[REQUIREMENT]:
Filter the lines below, copying only those with the string "CABLE".
####
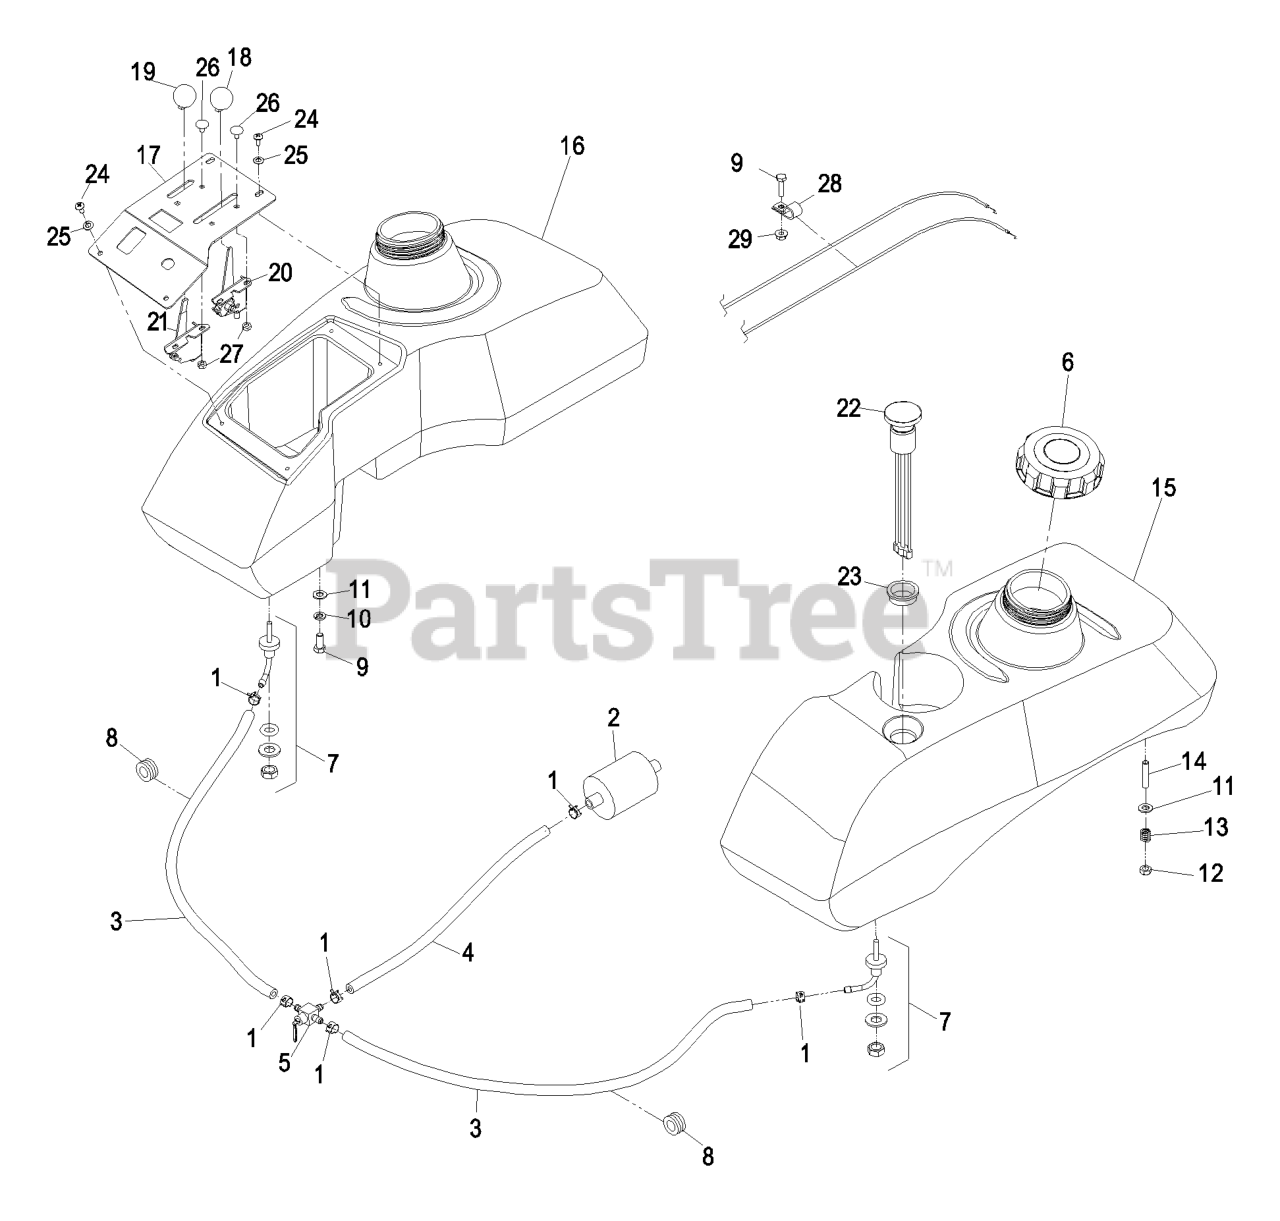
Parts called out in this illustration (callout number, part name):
2	Kohler Part No. 2405002 Fuel Filter
5	VALVE-FUEL
7	FITTING-FUEL, BULKHEAD
8	GROMMET
9	SCREW-HH
10	WASHER-LOCK
11	WASHER-PLAIN
12	NUT-LOCK, NI
13	SPRING-TANK, FUEL
14	STUD
15	KIT,FUEL TANK LH LHP
16	KIT,FUEL TANK LHP RH
18	KNOB-BALL
19	KNOB-BALL, BLACK
20	CABLE-THROTTLE
21	THROTTLE CABLE ASM
23	CONTACT ORDER SERVICES
24	SCREW-PTH
25	WASHER-SPRING
26	BOLT-CARR
27	NUT-LOCK, NI
28	CLIP-LOOM
####
[REPLY TO THE EXERCISE]:
20	CABLE-THROTTLE
21	THROTTLE CABLE ASM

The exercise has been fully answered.